Emerick A W
Mol Gen Genet. 1982;185(3):408-17. doi: 10.1007/BF00334132.
Mutations in the repressor encoded by the transposon Tn3 tnpR gene lead to increased levels of expression of two gene products: the mutant repressor (TnpR-) and the Tn3 encoded transposase, TnpA (Heffron et al. 1978; Chou et al. 1979a). Derivatives of the ColE1::Tn3 composite plasmid, RSF2124, with mutant Tn3 repressor exhibited the expected elevated levels of transposition. Unexpectedly, hosts containing these tnpR- derivatives produced enhanced levels of the ColE1 encoded toxin, colicin E1. The gene for colicin E1 maps far (0.23-0.98 MU) from the Tn3 insertion point (0.73 MU) (Fig. 1). The colicin E1 overproduction phenotype, designated Eop-, was complemented in trans by wild type repressor gene product (TnpR+) to the wild type phenotype, Eop+. Hosts with RSF2124 derivatives which expressed high levels of both mutant repressor and mutant transposase (TnpR-, TnpA-) were Eop-. Hosts containing plasmids deleted for both tnpA and tnpR promoters were Eop+, while hosts with plasmids carrying a lac promoter substitution for the tnpA promoter were Eop-. These data support the idea that a cis-acting effect of increased transcription from the tnpA promoter into adjacent ColE1 DNA was the cause of colicin overproduction. Increased transcription activated a putative colicin augmentation function (caf) whose presence was required for the Eop- phenotype. Deletion mapping established that one boundary of the caf locus lies within 52 bases of the junction of the left end of Tn3 and ColE1 DNA. ColE1 DNA in this area contains an open reading frame which could encode either a 74 or a 63 residue protein (B. Polisky, unpublished DNA sequence data). The presence of increased levels of an mRNA transcript from this region and/or the increased expression of protein(s) from this transcript could result in an Eop- phenotype. Expression of the Eop- phenotype requires the presence of the host recE gene. Evidence is presented which suggests that the recA repressor, lexA protein, controls expression of the recE gene product, ExoVIII.

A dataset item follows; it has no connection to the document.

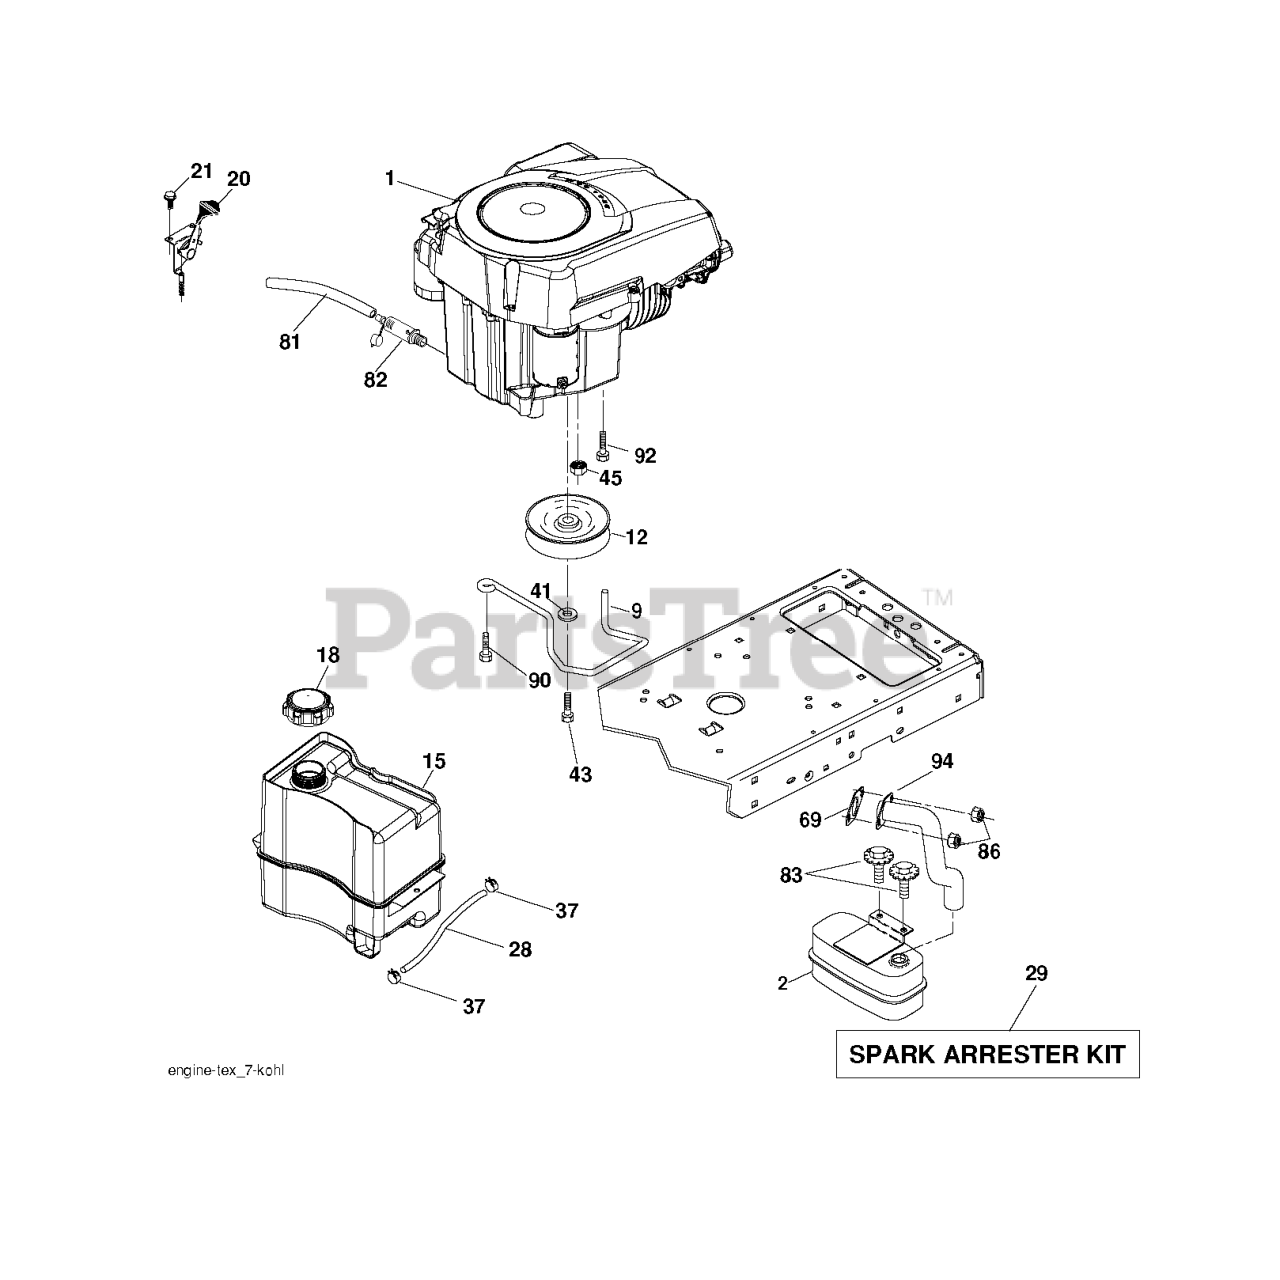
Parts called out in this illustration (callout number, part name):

转座子Tn3的tnpR基因编码的阻遏物发生突变,会导致两种基因产物的表达水平升高:突变型阻遏物(TnpR-)和Tn3编码的转座酶TnpA(赫夫伦等人,1978年;周等人,1979年a)。携带突变型Tn3阻遏物的ColE1::Tn3复合质粒RSF2124的衍生物表现出预期的转座水平升高。出乎意料的是,含有这些tnpR-衍生物的宿主产生的ColE1编码毒素大肠杆菌素E1水平增强。大肠杆菌素E1基因与Tn3插入点(0.73 MU)相距较远(0.23 - 0.98 MU)(图1)。大肠杆菌素E1过量生产表型,称为Eop-,可被野生型阻遏物基因产物(TnpR+)反式互补为野生型表型Eop+。携带同时高水平表达突变型阻遏物和突变型转座酶(TnpR-,TnpA-)的RSF2124衍生物的宿主为Eop-。含有缺失tnpA和tnpR启动子的质粒的宿主为Eop+,而携带用lac启动子替代tnpA启动子的质粒的宿主为Eop-。这些数据支持这样一种观点,即从tnpA启动子到相邻ColE1 DNA的转录增加的顺式作用效应是大肠杆菌素过量生产的原因。转录增加激活了一种假定的大肠杆菌素增强功能(caf),其存在是Eop-表型所必需的。缺失定位确定caf基因座的一个边界位于Tn3左端与ColE1 DNA连接处的52个碱基范围内。该区域的ColE1 DNA包含一个开放阅读框,其可编码一个74或63个残基的蛋白质(B. 波利斯基,未发表的DNA序列数据)。该区域mRNA转录物水平的增加和/或该转录物中蛋白质表达的增加可能导致Eop-表型。Eop-表型的表达需要宿主recE基因的存在。有证据表明recA阻遏物lexA蛋白控制recE基因产物ExoVIII的表达。